━━━━━ The records ━━━━━
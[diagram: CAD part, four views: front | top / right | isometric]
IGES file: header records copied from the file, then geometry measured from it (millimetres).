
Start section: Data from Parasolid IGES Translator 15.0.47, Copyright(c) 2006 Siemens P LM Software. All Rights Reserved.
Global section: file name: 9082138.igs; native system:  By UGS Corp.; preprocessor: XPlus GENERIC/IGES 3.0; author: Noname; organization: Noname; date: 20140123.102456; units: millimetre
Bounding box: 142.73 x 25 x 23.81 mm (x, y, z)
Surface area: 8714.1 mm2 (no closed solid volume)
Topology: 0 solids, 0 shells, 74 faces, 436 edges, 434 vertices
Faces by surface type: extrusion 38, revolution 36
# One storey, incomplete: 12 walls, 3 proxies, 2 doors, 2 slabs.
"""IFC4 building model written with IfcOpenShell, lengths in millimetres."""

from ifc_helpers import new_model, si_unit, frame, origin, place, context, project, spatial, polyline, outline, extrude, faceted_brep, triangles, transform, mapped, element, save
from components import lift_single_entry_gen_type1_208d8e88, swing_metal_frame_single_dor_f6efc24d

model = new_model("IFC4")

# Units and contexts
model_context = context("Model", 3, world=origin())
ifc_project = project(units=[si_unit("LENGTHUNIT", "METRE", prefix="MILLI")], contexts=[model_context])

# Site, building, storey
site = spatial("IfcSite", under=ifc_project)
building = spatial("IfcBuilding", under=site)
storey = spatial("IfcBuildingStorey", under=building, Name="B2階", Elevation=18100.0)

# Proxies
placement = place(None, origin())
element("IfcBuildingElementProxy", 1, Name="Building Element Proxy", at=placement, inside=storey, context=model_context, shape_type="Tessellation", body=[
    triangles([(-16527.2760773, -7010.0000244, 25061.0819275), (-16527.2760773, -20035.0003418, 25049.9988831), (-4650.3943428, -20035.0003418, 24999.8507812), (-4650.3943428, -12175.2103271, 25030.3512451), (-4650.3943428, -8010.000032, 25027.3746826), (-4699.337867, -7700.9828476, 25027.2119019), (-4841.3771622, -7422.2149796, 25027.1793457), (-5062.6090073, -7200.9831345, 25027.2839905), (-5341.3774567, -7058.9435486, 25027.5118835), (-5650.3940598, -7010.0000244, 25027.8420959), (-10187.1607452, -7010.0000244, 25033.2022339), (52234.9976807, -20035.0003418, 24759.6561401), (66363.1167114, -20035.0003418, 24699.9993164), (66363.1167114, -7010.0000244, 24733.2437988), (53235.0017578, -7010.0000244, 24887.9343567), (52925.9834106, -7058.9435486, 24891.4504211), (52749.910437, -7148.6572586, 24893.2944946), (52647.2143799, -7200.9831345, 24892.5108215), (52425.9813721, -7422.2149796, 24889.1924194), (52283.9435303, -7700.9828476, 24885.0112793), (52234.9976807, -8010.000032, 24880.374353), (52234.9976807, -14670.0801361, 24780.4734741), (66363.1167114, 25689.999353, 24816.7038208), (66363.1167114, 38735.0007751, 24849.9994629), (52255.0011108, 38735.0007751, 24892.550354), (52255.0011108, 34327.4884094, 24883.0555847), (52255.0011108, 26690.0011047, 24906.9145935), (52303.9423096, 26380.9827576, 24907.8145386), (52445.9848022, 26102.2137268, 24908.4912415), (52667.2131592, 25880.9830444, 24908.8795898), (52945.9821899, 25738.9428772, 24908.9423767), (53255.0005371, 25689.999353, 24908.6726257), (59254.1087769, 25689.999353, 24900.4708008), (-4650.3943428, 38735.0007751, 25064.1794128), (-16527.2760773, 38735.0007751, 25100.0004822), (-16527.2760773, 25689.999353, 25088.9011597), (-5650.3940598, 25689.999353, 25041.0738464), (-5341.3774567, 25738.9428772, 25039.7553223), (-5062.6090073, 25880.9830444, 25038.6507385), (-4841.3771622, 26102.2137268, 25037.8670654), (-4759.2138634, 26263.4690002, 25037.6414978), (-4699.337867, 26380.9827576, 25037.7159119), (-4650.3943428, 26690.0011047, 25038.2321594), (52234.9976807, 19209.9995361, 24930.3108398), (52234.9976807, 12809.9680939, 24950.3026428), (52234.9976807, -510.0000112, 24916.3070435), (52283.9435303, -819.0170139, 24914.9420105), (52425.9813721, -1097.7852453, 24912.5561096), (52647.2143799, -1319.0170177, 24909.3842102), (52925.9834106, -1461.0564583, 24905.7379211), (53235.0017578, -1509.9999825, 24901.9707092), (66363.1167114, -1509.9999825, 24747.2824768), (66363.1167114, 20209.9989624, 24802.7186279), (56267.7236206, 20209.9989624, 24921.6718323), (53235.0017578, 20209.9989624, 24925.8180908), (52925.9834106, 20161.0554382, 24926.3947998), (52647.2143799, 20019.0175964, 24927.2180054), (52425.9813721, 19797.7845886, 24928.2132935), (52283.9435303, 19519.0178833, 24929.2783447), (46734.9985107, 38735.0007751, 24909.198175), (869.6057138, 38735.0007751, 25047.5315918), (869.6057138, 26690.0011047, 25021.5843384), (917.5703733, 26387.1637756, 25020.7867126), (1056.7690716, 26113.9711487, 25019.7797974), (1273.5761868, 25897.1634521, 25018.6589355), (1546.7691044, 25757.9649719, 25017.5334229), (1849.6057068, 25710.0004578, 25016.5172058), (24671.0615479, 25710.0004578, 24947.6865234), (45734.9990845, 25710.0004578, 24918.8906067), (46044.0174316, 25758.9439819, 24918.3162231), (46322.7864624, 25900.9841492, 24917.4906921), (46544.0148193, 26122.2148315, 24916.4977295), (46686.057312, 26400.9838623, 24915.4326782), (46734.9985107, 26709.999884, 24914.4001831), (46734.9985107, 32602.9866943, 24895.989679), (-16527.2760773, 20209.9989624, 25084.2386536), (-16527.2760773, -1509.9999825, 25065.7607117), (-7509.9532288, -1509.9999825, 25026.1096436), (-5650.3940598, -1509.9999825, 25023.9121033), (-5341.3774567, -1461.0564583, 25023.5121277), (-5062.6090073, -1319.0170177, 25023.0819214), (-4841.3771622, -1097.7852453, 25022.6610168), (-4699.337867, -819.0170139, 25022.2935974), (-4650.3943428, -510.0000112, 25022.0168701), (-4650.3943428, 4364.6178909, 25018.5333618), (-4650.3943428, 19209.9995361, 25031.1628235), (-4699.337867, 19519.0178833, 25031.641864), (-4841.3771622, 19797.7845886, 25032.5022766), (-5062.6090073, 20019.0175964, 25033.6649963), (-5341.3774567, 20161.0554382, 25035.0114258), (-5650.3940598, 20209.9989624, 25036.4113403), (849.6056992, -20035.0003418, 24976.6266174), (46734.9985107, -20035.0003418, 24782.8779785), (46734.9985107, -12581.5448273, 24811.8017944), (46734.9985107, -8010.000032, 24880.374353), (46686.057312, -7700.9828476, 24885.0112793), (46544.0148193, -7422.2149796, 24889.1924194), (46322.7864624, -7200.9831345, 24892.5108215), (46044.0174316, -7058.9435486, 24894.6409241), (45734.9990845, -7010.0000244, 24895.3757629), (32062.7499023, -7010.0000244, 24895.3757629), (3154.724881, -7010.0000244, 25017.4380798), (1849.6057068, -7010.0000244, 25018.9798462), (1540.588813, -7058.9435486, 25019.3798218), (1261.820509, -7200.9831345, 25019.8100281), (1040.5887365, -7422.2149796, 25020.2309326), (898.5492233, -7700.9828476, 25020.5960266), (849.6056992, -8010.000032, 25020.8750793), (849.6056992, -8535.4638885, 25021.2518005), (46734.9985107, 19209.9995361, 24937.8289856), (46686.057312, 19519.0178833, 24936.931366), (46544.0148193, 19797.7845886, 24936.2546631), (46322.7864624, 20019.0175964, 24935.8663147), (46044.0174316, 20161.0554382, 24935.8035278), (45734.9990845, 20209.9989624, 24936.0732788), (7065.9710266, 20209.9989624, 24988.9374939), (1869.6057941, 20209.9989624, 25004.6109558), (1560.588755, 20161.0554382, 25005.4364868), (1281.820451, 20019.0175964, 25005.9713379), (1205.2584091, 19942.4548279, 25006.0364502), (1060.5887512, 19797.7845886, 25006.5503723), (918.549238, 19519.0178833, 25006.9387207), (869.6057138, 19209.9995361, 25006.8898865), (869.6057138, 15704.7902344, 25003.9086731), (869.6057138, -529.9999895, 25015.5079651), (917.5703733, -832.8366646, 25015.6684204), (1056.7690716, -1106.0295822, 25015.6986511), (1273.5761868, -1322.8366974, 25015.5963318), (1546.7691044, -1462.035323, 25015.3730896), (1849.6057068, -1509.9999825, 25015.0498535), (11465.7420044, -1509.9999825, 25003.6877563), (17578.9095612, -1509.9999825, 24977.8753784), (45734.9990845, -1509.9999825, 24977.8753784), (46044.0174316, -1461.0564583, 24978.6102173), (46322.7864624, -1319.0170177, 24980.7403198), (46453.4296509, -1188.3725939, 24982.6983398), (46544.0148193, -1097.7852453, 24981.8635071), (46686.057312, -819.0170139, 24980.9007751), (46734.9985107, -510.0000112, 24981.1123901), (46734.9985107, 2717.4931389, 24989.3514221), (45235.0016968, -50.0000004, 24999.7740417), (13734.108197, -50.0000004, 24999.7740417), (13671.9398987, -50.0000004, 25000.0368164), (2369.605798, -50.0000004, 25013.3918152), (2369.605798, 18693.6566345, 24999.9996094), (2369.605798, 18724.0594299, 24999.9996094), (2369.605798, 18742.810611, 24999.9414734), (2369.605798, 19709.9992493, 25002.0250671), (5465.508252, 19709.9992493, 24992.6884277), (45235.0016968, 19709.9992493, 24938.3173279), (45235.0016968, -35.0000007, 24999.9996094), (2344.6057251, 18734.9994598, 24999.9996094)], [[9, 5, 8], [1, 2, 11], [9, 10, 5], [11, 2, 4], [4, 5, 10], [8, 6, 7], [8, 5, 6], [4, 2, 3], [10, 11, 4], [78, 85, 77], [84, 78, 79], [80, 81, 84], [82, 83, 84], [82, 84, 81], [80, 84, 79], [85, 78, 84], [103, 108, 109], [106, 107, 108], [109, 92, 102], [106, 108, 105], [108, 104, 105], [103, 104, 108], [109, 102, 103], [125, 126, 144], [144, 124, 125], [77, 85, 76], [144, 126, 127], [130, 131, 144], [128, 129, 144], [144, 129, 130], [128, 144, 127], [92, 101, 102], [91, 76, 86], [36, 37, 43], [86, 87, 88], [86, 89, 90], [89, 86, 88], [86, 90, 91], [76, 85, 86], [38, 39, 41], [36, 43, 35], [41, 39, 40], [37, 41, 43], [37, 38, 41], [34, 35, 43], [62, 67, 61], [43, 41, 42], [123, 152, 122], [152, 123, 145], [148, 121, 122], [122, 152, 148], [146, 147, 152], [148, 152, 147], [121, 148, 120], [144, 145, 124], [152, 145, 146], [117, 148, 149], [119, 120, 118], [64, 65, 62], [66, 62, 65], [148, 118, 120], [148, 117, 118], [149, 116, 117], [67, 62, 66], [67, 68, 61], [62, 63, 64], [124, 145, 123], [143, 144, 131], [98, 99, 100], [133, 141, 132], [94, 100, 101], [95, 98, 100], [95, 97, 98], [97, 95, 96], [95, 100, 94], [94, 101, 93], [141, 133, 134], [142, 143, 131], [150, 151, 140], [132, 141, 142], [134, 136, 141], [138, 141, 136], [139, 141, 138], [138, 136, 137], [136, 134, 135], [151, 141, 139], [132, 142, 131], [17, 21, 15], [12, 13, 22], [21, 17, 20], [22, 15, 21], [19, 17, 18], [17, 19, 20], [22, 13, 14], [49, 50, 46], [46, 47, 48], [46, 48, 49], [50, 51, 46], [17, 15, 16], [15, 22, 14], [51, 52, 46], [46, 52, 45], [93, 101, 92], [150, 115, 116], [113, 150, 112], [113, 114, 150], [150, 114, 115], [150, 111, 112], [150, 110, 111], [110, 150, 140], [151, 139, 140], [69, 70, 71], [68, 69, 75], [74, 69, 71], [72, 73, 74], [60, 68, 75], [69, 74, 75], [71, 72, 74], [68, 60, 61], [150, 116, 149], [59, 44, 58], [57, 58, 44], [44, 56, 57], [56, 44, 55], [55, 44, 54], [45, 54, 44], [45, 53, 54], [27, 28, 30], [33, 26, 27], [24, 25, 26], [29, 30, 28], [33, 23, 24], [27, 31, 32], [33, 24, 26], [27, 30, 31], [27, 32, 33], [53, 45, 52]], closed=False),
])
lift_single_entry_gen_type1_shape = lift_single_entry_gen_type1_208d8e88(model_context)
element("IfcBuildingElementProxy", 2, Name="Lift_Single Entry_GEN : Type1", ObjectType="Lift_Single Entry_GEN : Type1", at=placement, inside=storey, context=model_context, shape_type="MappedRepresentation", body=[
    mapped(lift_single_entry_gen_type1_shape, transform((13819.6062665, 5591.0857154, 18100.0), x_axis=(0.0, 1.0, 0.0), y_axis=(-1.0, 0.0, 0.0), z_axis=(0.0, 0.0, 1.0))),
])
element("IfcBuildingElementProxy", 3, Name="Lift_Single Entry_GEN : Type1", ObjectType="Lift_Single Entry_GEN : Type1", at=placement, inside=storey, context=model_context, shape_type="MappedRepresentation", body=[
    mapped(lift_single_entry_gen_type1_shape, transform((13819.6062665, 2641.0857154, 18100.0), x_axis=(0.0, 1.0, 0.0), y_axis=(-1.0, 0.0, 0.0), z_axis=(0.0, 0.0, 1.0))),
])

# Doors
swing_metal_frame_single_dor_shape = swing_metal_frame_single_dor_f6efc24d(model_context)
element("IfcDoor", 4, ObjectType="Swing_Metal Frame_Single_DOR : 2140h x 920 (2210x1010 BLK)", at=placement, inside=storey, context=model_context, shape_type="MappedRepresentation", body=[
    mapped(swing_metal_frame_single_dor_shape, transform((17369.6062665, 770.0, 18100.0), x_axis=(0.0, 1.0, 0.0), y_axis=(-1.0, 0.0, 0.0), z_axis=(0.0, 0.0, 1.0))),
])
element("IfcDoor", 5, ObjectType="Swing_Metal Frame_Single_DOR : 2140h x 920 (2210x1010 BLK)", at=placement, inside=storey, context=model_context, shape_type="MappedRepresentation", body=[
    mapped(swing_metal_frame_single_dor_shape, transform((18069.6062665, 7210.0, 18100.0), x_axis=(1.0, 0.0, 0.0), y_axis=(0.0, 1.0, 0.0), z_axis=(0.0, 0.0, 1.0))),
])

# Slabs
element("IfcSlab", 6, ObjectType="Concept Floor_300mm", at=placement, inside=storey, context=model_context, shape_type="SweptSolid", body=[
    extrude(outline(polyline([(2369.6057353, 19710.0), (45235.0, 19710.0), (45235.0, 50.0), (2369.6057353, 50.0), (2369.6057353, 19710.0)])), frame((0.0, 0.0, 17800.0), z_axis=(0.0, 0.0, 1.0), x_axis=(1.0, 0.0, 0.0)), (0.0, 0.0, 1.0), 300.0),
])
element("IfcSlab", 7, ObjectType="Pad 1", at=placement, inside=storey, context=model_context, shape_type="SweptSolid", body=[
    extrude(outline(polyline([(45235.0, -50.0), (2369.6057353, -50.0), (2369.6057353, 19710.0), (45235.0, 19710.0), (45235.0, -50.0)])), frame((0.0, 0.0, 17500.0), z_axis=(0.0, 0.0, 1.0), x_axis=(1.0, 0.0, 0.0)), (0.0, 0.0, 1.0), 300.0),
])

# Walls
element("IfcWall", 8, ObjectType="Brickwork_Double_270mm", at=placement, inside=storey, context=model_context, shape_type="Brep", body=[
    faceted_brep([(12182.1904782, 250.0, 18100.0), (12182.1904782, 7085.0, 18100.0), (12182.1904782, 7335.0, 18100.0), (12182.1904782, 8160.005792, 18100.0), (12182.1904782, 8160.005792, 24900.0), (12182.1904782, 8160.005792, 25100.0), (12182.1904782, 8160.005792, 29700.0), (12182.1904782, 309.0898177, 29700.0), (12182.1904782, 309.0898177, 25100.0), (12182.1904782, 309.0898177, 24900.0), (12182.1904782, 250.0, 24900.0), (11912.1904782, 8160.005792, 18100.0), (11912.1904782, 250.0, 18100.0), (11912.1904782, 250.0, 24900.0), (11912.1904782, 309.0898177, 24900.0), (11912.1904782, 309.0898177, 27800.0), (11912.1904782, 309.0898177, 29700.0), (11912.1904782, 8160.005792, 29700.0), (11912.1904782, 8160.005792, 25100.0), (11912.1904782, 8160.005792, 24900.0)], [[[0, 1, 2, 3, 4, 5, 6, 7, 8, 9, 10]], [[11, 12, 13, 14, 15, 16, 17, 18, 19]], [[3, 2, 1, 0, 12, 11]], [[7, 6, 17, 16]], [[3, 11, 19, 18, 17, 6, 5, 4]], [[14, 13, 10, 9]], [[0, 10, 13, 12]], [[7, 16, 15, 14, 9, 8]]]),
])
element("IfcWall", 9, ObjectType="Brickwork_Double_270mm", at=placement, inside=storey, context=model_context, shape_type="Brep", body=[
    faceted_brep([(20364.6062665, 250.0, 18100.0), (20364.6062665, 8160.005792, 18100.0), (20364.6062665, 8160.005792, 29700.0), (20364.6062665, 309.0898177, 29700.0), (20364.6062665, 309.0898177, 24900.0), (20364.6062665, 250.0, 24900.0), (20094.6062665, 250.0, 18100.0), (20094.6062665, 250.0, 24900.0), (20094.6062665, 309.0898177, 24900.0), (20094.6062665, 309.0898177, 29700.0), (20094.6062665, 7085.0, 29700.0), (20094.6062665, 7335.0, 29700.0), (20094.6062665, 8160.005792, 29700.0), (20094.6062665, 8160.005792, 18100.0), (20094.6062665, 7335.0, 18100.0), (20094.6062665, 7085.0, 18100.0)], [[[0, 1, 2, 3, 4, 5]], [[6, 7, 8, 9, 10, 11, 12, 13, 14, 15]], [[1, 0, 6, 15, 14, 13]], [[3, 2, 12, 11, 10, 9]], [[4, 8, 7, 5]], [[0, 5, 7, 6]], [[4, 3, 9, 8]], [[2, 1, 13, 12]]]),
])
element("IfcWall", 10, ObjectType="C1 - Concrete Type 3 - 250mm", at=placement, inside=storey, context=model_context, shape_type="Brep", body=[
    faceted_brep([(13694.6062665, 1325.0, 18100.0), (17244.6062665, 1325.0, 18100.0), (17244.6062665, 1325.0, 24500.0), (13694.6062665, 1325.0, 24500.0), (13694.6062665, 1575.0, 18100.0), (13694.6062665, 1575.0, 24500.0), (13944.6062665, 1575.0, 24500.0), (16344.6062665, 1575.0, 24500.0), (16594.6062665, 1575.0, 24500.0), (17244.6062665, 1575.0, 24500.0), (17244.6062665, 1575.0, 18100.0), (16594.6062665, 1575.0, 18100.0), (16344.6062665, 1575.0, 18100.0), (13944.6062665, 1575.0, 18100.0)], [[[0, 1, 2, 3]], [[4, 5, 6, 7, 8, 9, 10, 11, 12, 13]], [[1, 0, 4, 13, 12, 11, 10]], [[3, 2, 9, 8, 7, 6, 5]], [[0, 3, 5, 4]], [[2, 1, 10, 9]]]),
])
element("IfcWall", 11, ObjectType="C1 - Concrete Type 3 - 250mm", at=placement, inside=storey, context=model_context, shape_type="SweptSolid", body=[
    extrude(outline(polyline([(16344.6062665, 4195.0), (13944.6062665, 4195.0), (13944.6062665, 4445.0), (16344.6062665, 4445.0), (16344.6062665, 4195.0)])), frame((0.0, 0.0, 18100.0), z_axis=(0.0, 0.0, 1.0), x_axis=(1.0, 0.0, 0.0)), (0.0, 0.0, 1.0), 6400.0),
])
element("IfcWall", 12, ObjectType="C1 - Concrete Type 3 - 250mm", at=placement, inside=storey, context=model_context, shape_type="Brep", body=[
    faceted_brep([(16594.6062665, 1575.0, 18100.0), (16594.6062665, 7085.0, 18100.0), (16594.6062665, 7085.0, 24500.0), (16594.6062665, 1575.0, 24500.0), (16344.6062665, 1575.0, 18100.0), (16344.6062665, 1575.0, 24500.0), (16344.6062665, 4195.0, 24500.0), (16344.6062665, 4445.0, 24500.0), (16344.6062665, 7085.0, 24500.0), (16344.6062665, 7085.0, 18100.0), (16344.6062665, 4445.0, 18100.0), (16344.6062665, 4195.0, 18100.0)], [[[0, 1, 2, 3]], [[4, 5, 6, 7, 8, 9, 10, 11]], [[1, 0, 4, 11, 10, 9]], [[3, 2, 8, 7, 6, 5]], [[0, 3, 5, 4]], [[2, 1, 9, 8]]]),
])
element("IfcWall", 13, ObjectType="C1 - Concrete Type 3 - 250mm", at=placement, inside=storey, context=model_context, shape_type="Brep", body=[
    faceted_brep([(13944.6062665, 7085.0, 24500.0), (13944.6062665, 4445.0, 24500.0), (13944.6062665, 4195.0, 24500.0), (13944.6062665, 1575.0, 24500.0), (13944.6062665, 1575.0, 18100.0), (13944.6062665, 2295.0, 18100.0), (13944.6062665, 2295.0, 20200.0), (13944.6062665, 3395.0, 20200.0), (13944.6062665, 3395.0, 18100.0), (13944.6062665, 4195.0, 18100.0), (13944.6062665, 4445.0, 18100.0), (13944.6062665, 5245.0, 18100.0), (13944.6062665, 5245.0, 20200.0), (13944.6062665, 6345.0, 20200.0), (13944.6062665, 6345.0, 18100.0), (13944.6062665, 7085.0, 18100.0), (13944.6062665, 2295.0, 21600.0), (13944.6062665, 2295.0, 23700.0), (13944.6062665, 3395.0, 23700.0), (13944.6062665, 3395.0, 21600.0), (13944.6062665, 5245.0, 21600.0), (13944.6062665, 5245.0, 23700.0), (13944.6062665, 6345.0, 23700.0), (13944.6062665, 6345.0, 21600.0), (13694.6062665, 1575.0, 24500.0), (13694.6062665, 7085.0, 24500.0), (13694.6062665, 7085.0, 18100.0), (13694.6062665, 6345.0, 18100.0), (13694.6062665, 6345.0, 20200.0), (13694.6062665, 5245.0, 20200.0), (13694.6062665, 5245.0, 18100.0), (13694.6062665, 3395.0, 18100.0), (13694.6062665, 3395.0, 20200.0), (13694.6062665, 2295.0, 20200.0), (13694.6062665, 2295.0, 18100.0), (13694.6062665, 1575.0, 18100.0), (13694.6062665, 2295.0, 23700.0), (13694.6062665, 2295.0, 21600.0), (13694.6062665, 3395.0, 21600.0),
━━━━━
Task to complete: If a line in the records includes the string "IGES", copy it.

Output of the exercise:
IGES file: header records copied from the file, then geometry measured from it (millimetres).
Start section: Data from Parasolid IGES Translator 15.0.47, Copyright(c) 2006 Siemens P LM Software. All Rights Reserved.
Global section: file name: 9082138.igs; native system:  By UGS Corp.; preprocessor: XPlus GENERIC/IGES 3.0; author: Noname; organization: Noname; date: 20140123.102456; units: millimetre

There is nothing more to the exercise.